Die Zufuhr sollte für hohe Motorleistung möglichst ungedrosselt erfolgen. Demnach mit Tendenz größerer Querschnitt als die Vergaserfläche. Wäre die Fläche geringer stellt sich ab einer bestimmten Drehzahl (Luftbedarf) eine Drosselung ein.
Gleichzeitig erzeugt dies zusätzlichen Unterdruck auf das Düsensystem und bewirkt überfetten speziell zu hohen Drehzahlen hin. Ähnlich verhält es sich wenn schlecht durchlässige Materialien verwendet werden.
Filterflies hart gepresst oder Schaumfilter können solche Drosselungen erzeugen.
Grobere Filtermaterialien sollte man nicht verwenden da hierbei ungehindert Staubpartikel in den Motor dringen können.
Staub wirkt zusammen mit der Drehzahl wie ein Schwingschleifer auf Kolben und Lager im Kurbelraum.
Fährt man so in einer Staubwolke kann man den Motor innerhalb 10 Minuten völlig ruinieren.
Rohre kann man einsetzen um den Schallpegel zu dämpfen.

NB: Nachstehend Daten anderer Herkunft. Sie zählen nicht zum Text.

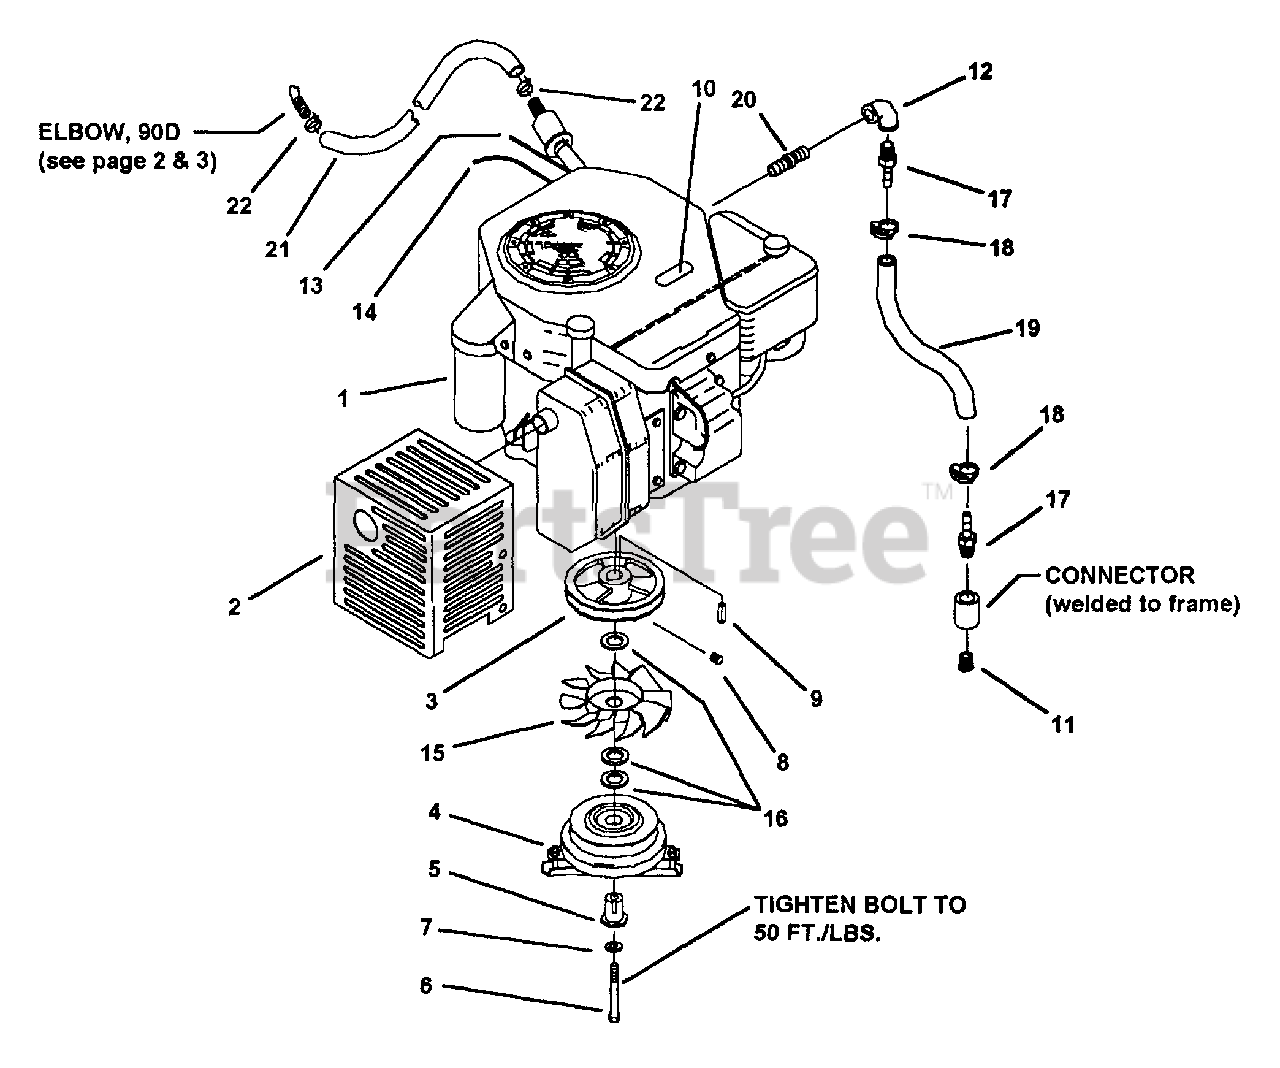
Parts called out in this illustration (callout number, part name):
1	ENGINE, 14 HP KOHLER COMMAND
2	MUFFLER GUARD WELDMENT, KOHLER
3	PULLEY, MOTOR DRIVE
4	CLUTCH, ELECTRIC, 1" BORE
5	BUSHING, CLUTCH
6	CAPSCREW, HEX HD. 10M-1.5 X 90MM
7	LOCKWASHER, 7/16" SPLIT SPRING
8	SETSCREW, SOCKET HD. 5/16-18 X 3/8"
9	KEY, 1/4" SQ. X 1"
10	DECAL, "PERIODICALLY CLEAN"
11	PLUG, PIPE 3/8"
12	ELBOW, 3/8". 90D, SCH. 40, CAST IRON
13	CABLE, THROTTLE & 14HP
14	CABLE, CHOKE 12HP & 14HP
15	FAN, 7" DIA. 10 BLADE CW
16	WASHER, SHIM
17	HOSE BARB, 3/8" HOSE X 3/8" NPT
18	HOSE CLAMP, 19/32-21/32, NYLON
19	OIL HOSE, 7-1/2" LONG
20	NIPPLE, 3/8" CLOSE SCH. 40
21	FUEL HOSE, 24"
22	CLAMP, HOSE SPRING TYPE 1/2" O.D.

Die Rohrlänge sollte dabei 3-5 x des Durchmessers entsprechen. Einfache Öffnungen ohne Rohr wirken wie eine Hochton Schallquelle (Lautsprecher). Sie geben das gesamte Drehzahlband des Motors (Frequenz) nach außen ab. Rohre hingegen in Verbindung mit einer Kammer beschneiden die Frequenz ähnlich beim Subwooferbau. Sie geben dem Motor seine benötigte Luftmenge und dennoch wird der Schallpegel gedämpft.